For the first time in 20 years, curlew chicks have fledged at a Co. Antrim farm.
Last year a pair of curlews attempted to breed at Greenmount Hill Farm in Glenwherry, for the first time since 2005, only to fail to hatch young.
It was the mid-1990s when curlew chicks last fledged at the farm.
However, this summer the Royal Society for the Protection of Birds, Northern Ireland’s (RSPB NI’s) conservation advisor, Neal Warnock, was delighted to see that two pairs arrived back at the farm. He confirmed that one of the pairs has successfully fledged three young.
It is believed that these are the first curlews to fledge from the site since the 1990s. The news, RSPB NI said, is a real boost considering that over the past two decades, curlew numbers across the UK have almost halved. In northern Ireland, more than 80% of the curlew population has been lost since 1987.
Since 2009, RSPB NI, the Irish Grouse Conservation Trust (IGCT), the College of Agriculture, Food and Rural Enterprise (CAFRE) and other partners have been working as part of the Glenwherry Hill Regeneration Project (GHRP) on an integrated management approach in the area in a bid to ‘give nature a home in Glenwherry’.
“When news broke that one of the pairs had hatched three young, their progress became the talk of the community,” said Warnock. “It was a very long six-week wait watching them grow until they finally stretched their wings and departed.
Curlews only rarely fledge three young, so this was terrific news for all involved in the project, and should help see them become established on the farm.
Graeme Campbell, CAFRE’s GHRP Project Manager, said they were delighted with this year’s curlew success, and that the work to attract breeding waders over the last six years had also resulted in increasing numbers of snipe breeding on the farm.
Farmers and landowners have a crucial part to play in helping to halt and reverse the decline of curlews, according to RSPB NI.
The Glenwherry Hill Regeneration Project has undertaken a string of measures to make the area attractive to curlews and to encourage them to return. This has involved habitat management, including rush cutting and tree removal, as well as predator control carried out by the IGCT.

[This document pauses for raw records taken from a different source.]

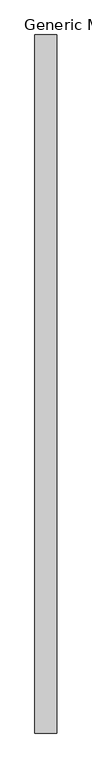
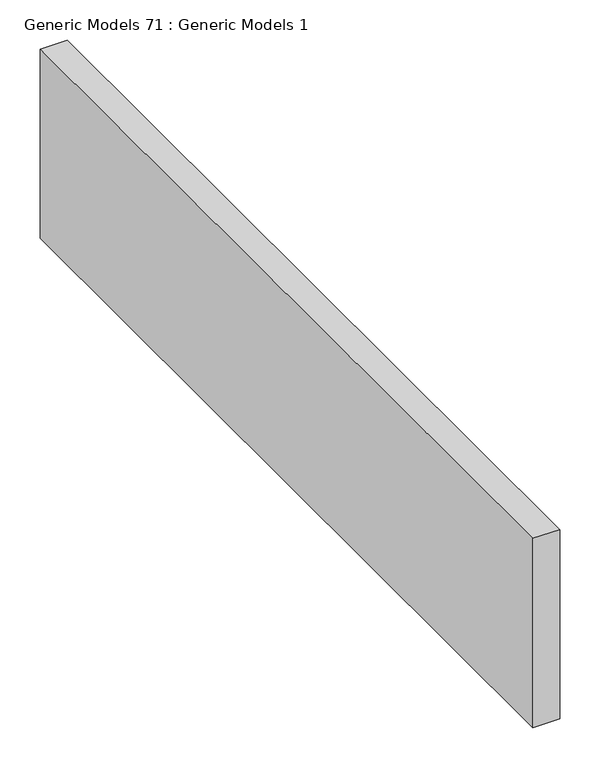
"""IFC4 building model written with IfcOpenShell, lengths in millimetres: proxy geometry, Generic Models 71 : Generic Models 1."""

from ifc_helpers import new_model, si_unit, frame, origin, place, context, project, spatial, polyline, outline, extrude, source, transform, mapped, element, save


def generic_models_71_generic_models_1_508a995f(model_context):
    return source(origin(), model_context, "Body", "SweptSolid", [
        extrude(outline(polyline([(50952.4, 0.0), (50914.3, 0.0), (50914.3, 1219.2), (50952.4, 1219.2), (50952.4, 0.0)])), frame((0.0, 0.0, 5222.478125), z_axis=(0.0, 0.0, 1.0), x_axis=(1.0, 0.0, 0.0)), (0.0, 0.0, 1.0), 285.75),
    ])


if __name__ == "__main__":
    model = new_model("IFC4")
    model_context = context("Model", 3, world=origin())
    ifc_project = project(units=[si_unit("LENGTHUNIT", "METRE", prefix="MILLI")], contexts=[model_context])
    site = spatial("IfcSite", under=ifc_project)
    building = spatial("IfcBuilding", under=site)
    placement = place(None, origin())
    generic_models_71_generic_models_1_shape = generic_models_71_generic_models_1_508a995f(model_context)
    element("IfcBuildingElementProxy", 1, Name="Generic Models 71 : Generic Models 1", ObjectType="Generic Models 71 : Generic Models 1", at=placement, inside=building, context=model_context, shape_type="MappedRepresentation", body=[
        mapped(generic_models_71_generic_models_1_shape, transform((0.0, 0.0, 0.0), x_axis=(1.0, 0.0, 0.0), y_axis=(0.0, 1.0, 0.0), z_axis=(0.0, 0.0, 1.0))),
    ])
    save(model, "model.ifc")

# Revit data of these elements
# Element 1 (IfcBuildingElementProxy, "Generic Models 71 : Generic Models 1")
#   Materials on its faces: "DOUBLE 2X WOOD TOP PLATE"
# Materials
#   "DOUBLE 2X WOOD TOP PLATE": class "Wood", colour RGB 234 198 147, transparency 0, Description = "Pinus Echinata", Cost = 0
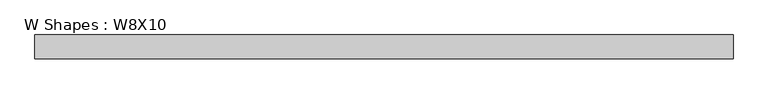
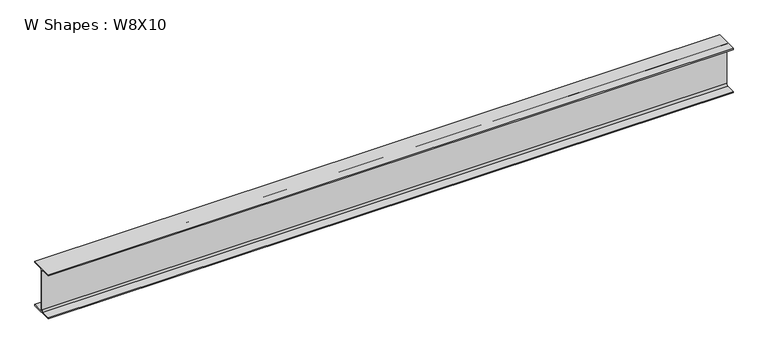
"""IFC4 building model written with IfcOpenShell, lengths in millimetres: beam geometry, W Shapes : W8X10."""

from ifc_helpers import new_model, si_unit, point, frame, frame_2d, origin, place, context, project, spatial, polyline, circle_curve, trimmed, segment, composite_curve, outline, extrude, source, transform, mapped, element, save


def w_shapes_w8x10_60410601(model_context):
    return source(origin(), model_context, "Body", "SweptSolid", [
        extrude(outline(composite_curve([segment(polyline([(50.038, -94.869), (50.038, -100.203), (-50.038, -100.203), (-50.038, -94.869), (-9.779, -94.869)]), True, "CONTINUOUS"), segment(trimmed(circle_curve(frame_2d((-9.779, -87.249)), 7.62), [point((-9.779, -94.869))], [point((-2.159, -87.249))], True, "CARTESIAN"), True, "CONTINUOUS"), segment(polyline([(-2.159, -87.249), (-2.159, 87.249)]), True, "CONTINUOUS"), segment(trimmed(circle_curve(frame_2d((-9.779, 87.249)), 7.62), [point((-2.159, 87.249))], [point((-9.779, 94.869))], True, "CARTESIAN"), True, "CONTINUOUS"), segment(polyline([(-9.779, 94.869), (-50.038, 94.869), (-50.038, 100.203), (50.038, 100.203), (50.038, 94.869), (9.779, 94.869)]), True, "CONTINUOUS"), segment(trimmed(circle_curve(frame_2d((9.779, 87.249)), 7.62), [point((9.779, 94.869))], [point((2.159, 87.249))], True, "CARTESIAN"), True, "CONTINUOUS"), segment(polyline([(2.159, 87.249), (2.159, -87.249)]), True, "CONTINUOUS"), segment(trimmed(circle_curve(frame_2d((9.779, -87.249)), 7.62), [point((2.159, -87.249))], [point((9.779, -94.869))], True, "CARTESIAN"), True, "CONTINUOUS"), segment(polyline([(9.779, -94.869), (50.038, -94.869)]), True, "CONTINUOUS")], self_intersect=False)), frame((-1461.262, 0.0, 0.0), z_axis=(1.0, 0.0, 0.0), x_axis=(0.0, 1.0, 0.0)), (0.0, 0.0, 1.0), 2922.524),
    ])


if __name__ == "__main__":
    model = new_model("IFC4")
    model_context = context("Model", 3, world=origin())
    ifc_project = project(units=[si_unit("LENGTHUNIT", "METRE", prefix="MILLI")], contexts=[model_context])
    site = spatial("IfcSite", under=ifc_project)
    building = spatial("IfcBuilding", under=site)
    placement = place(None, origin())
    w_shapes_w8x10_shape = w_shapes_w8x10_60410601(model_context)
    element("IfcBeam", 1, ObjectType="W Shapes : W8X10", at=placement, inside=building, context=model_context, shape_type="MappedRepresentation", body=[
        mapped(w_shapes_w8x10_shape, transform((0.0, 0.0, 0.0), x_axis=(1.0, 0.0, 0.0), y_axis=(0.0, 1.0, 0.0), z_axis=(0.0, 0.0, 1.0))),
    ])
    save(model, "model.ifc")

# Revit data of these elements
# Type "W Shapes : W8X10"
#   Section Name Key = "W8x10"
#   Assembly Code = "B10"
#   Width = 100.076 mm
#   Web Thickness = 4.318 mm
#   Web Fillet = 7.62 mm
#   Warping Constant = 8297.76 cm⁶
#   Torsional Moment of Inertia = 1.77315 cm⁴
#   Section Area = 2.96 in²
#   Plastic Modulus weak axis = 0.000960648 (stored number, unit not read)
#   Plastic Modulus strong axis = 0.0051331 (stored number, unit not read)
#   Perimeter = 9.35736 m²/m
#   Nominal Weight = 145.939 N/m
#   Moment of Inertia weak axis = 86.9924 cm⁴
#   Moment of Inertia strong axis = 1281.99 cm⁴
#   Height = 200.406 mm
#   Flange Thickness = 5.334 mm
#   Elastic Modulus weak axis = 0.000613426 (stored number, unit not read)
#   Elastic Modulus strong axis = 0.00451968 (stored number, unit not read)
#   Centroid Vertical = 100.203 mm
#   Centroid Horizontal = 50.038 mm
#   Length [instance default] = 5' - 0"
#   Structural Material [instance default] = Steel ASTM A992
#   Principal Axes Angle = 0
# Element 1 (IfcBeam, "W Shapes : W8X10")
#   Materials on its faces: "Steel ASTM A992"
# Materials
#   "Steel ASTM A992": class "Metal", colour RGB 199 199 199, transparency 0, Description = "Structural steel 50ksi", Cost = 0

Joanne Sherwood, director, RSPB NI said the news highlighted that this partnership work makes a real difference to the fortunes of threatened species. “We see this as a milestone on the way to what we hope will be the recovery of curlews and other breeding waders in Glenwherry.”
Sites across the UK are amongst the most important in the world for breeding European curlews, hosting around a quarter of the global breeding population, according to RSPB NI.
Yet their numbers have declined due to factors including a loss of suitable habitat and increased predation.
The Antrim Hills and Co. Fermanagh are the last remaining hotspots for curlews in Northern Ireland.
In the wider Glenwherry area, there are approximately 45 breeding pairs recorded annually. The area is also home to lapwings and snipe.